Hello all, hoping someone will be able to provide assistance. 
My mother currently holds 12 stocks with CommSec, CHESS. She would like to transfer these shares into my name, I am with NAB trade. 
So far my options are simply selling them and rebuying, or an off market transfer. 

Selling idea would cost approximately $40 per holding. I am not sure about the cost of the off market transfer. Computershare states that if the seller is the same for multiple holdings, a fee of $55 only needs to be paid once. 
CommSec however states that the $55 is payable for each holding, which will cost me significantly more. 

Would someone please be able to help me identify what is the cost efficient way of going about this?

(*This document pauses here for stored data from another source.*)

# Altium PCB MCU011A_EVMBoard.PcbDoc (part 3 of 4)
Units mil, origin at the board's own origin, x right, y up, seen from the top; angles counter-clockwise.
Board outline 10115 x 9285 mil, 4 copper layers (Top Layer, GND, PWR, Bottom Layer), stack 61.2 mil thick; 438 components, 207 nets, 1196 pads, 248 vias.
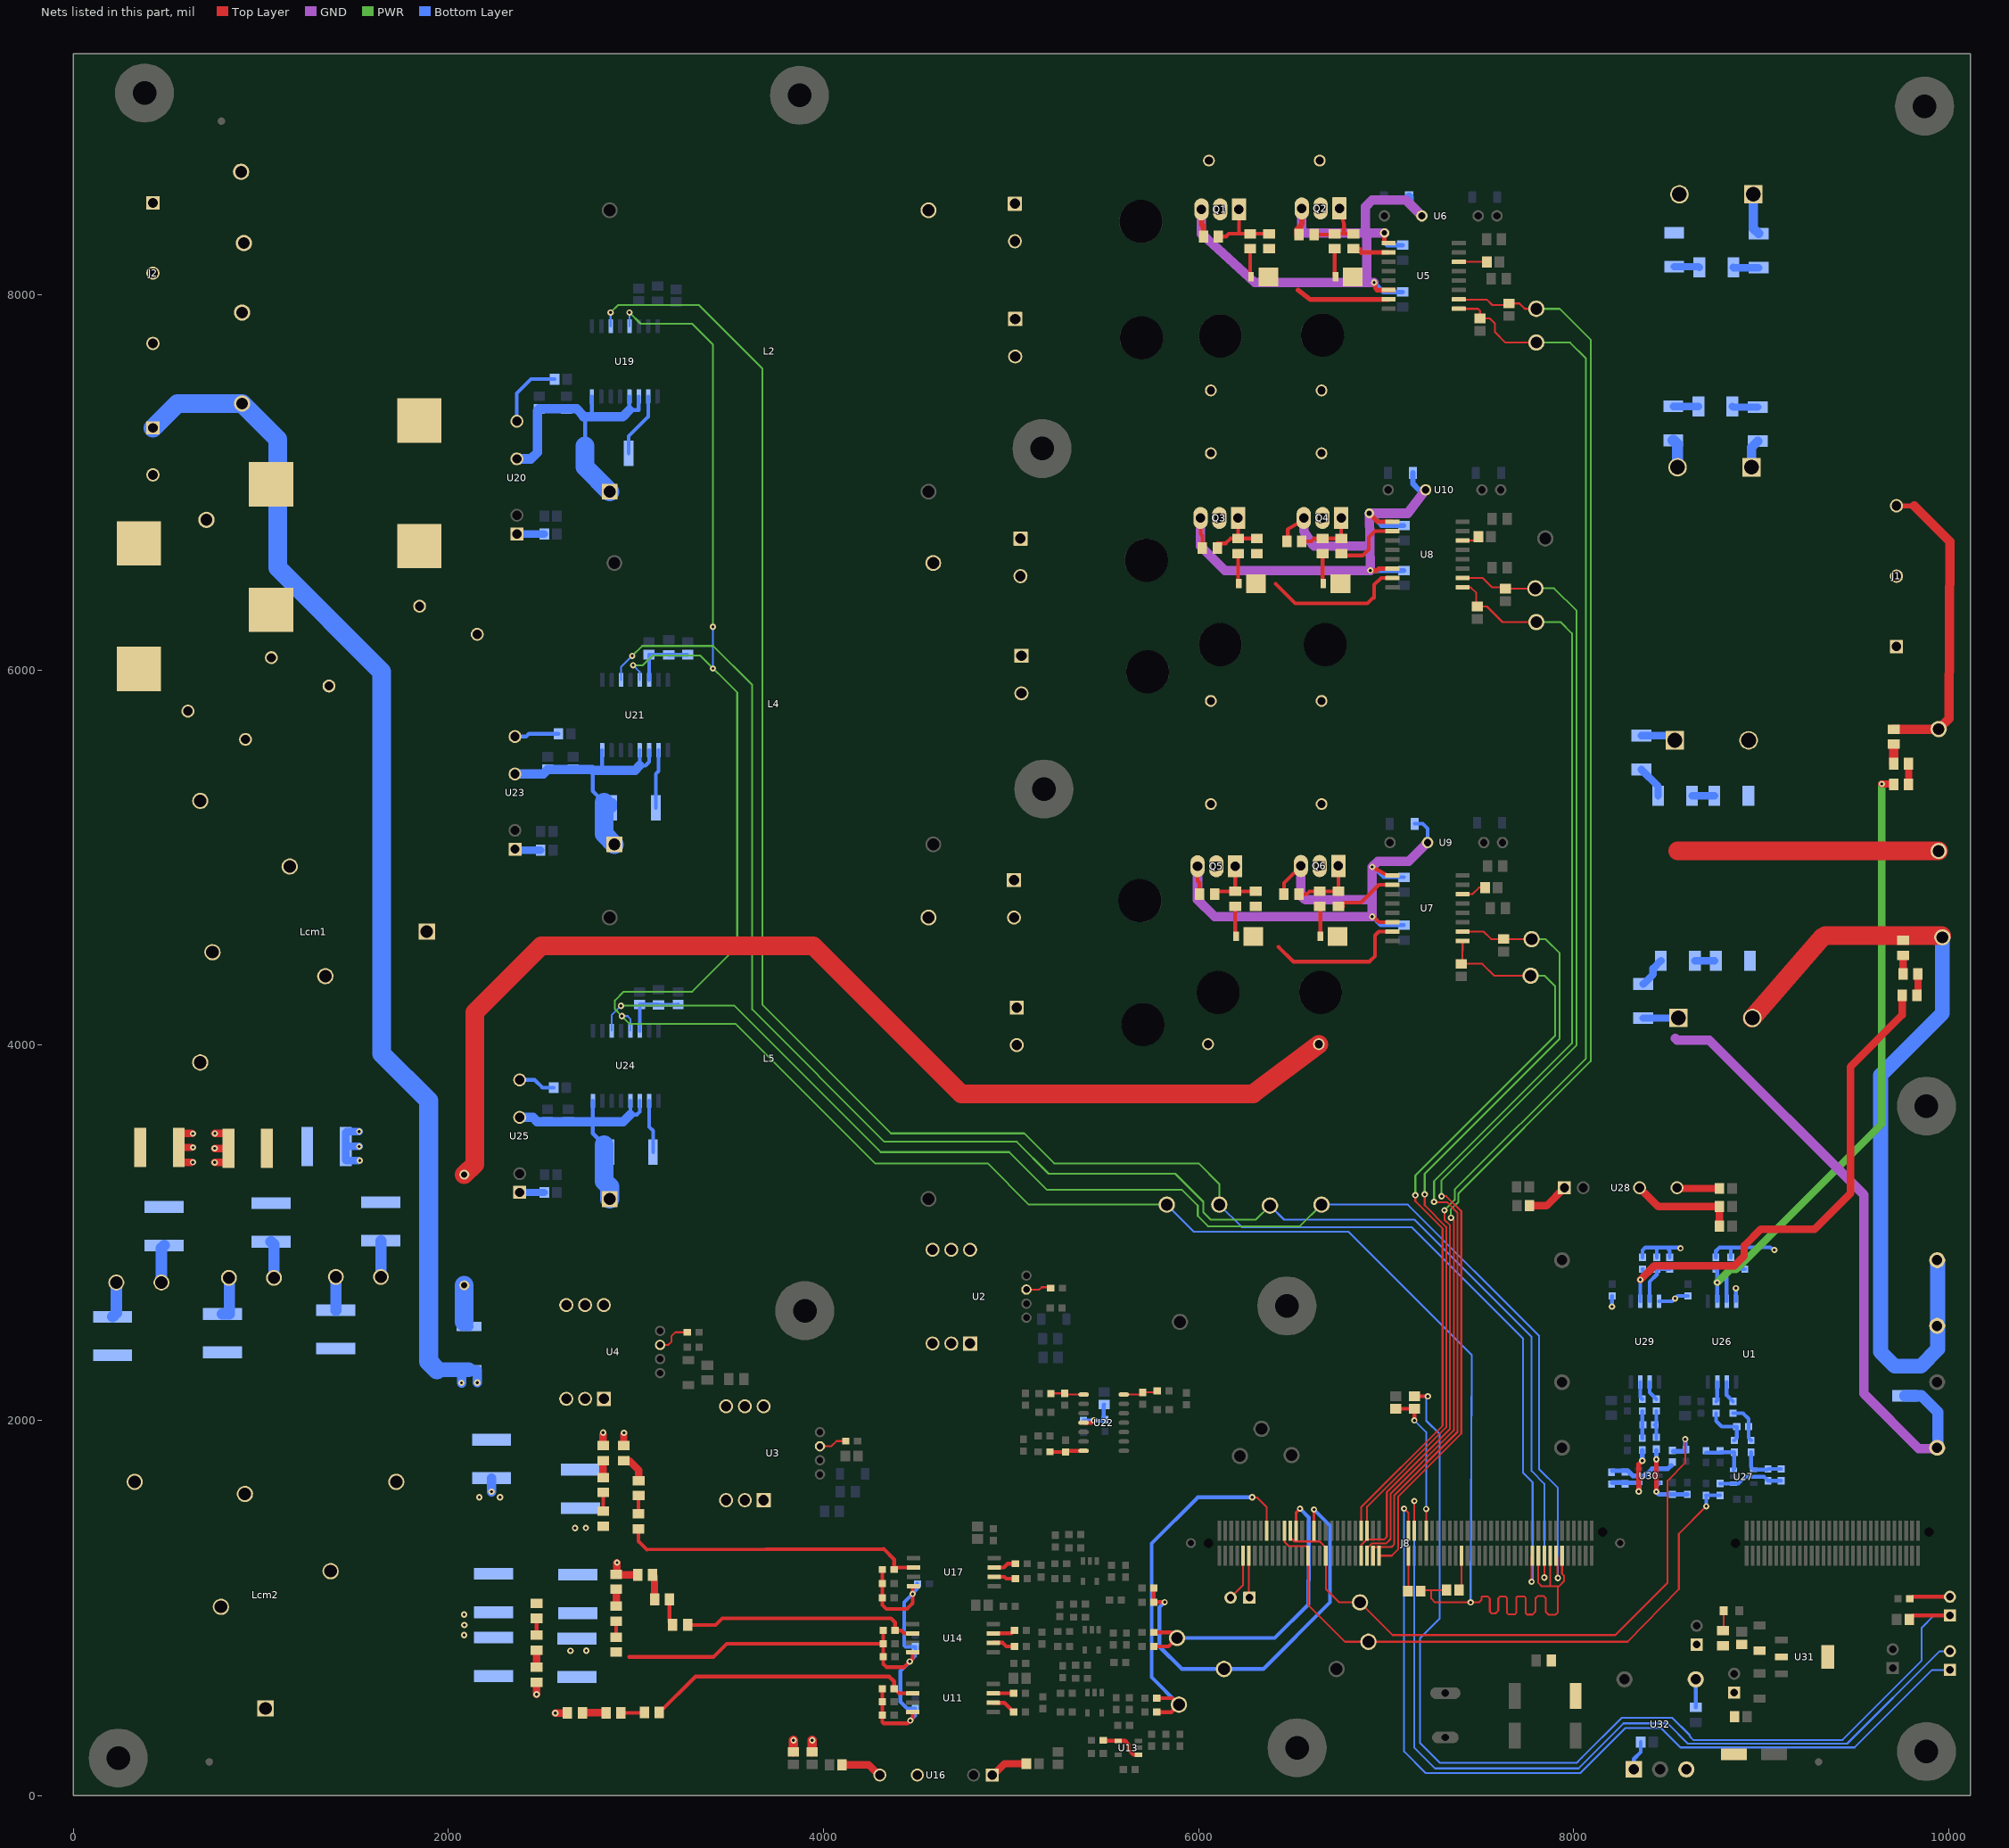
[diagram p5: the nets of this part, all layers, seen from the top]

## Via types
v1: diameter 34, hole 16, Top Layer to Bottom Layer, 243 vias
v2: diameter 50, hole 28, Top Layer to Bottom Layer, 5 vias

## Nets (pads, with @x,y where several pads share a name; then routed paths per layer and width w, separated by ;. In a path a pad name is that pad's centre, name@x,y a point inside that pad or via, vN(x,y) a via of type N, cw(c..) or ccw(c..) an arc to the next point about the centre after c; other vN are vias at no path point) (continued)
NetC67_2: C67.2 C68.1 L12.1 U21.14 | length 336.8
  Bottom Layer w20: U21.14@3070,5946.69 C67.2@3070,6081.54 C68.1@3173.46,6081.54 ; C68.1@3175,6080 L12.1@3273.46,6080
NetC69_2: C69.2 C70.1 L13.1 U22.4 | length 252.5
  Top Layer w20: U22.4@5386.4,1987.74 5428.64,1987.74 v1(5440.45,1999.55)
  Bottom Layer w20: C69.2@5385.96,1999.23 5440.14,1999.23 v1(5440.45,1999.55) 5493.68,1999.55 5493.68,2081.99 L13.1@5495.96,2084.27
NetC76_1: C76.1 C77.2 L16.1 U24.14 | length 343.6
  Bottom Layer w20: U24.14@3020,4077.01 C77.2@3020,4216.54 C76.1@3118.46,4216.54 ; C76.1@3120,4215 3223.46,4215 L16.1@3225,4216.54
NetC82_1: C82.1 R96.1 R99.2 U27.4 | length 246.5
  Bottom Layer w20: R99.2@8945,1830.45 8945,1751.54 U27.4@8959.13,1737.4 9030.9,1737.4 C82.1@9035,1741.5 R96.1@9105,1741.5
NetC82_2: C82.2 R96.2 R101.1 U27.1 | length 349.7
  Bottom Layer w20: R101.1@8780,1663.45 8780.84,1662.6 U27.1@8850.86,1662.6 8877.6,1662.6 8915,1700 9013.51,1700 C82.2@9035,1678.51 R96.2@9105,1678.51
NetC87_1: C87.1 R98.2 R99.1 | length 216.4
  Bottom Layer w20: R98.2@8848.09,2038.27 8901.73,2038.27 8931.5,2008.5 C87.1@8931.5,1966.95 8931.5,1906.95 R99.1@8945,1893.45
NetC87_2: C87.2 R102.2 R103.1 | length 243.3
  Bottom Layer w20: R102.2@8758.09,2038.27 8758.09,1996.91 8788.05,1966.95 C87.2@8868.5,1966.95 8868.5,1906.95 R103.1@8855,1893.45
NetC89_1: C89.1 R103.2 R105.2 U27.3 | length 245.6
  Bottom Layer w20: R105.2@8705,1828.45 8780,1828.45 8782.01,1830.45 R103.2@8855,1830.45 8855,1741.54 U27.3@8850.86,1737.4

And whether the $55 is per holding? 


Thank you in advance.


----------



## burglar (12 July 2014)

taomech said:


> Hello all, hoping someone will be able to provide assistance.
> My mother currently holds 12 stocks with CommSec, CHESS. She would like to transfer these shares into my name, I am with NAB trade.
> So far my options are simply selling them and rebuying, or an off market transfer.
> 
> ...




Do not quote me but I believe that the brokers can transfer between themselves at minimum cost to you.
Ask each broker if this is so.


----------



## ROE (13 July 2014)

burglar said:


> Do not quote me but I believe that the brokers can transfer between themselves at minimum cost to you.
> Ask each broker if this is so.




Nope, it used to be not any more ...each transfer cost $55 as they have to do some red tap before the transfer and hence the charge.


----------



## Craton (13 July 2014)

Wow, last time I did this we still had Stamp Duty.

Without searching, from memory a transfer on or off market, either way a CGT event has occurred. Correct?


----------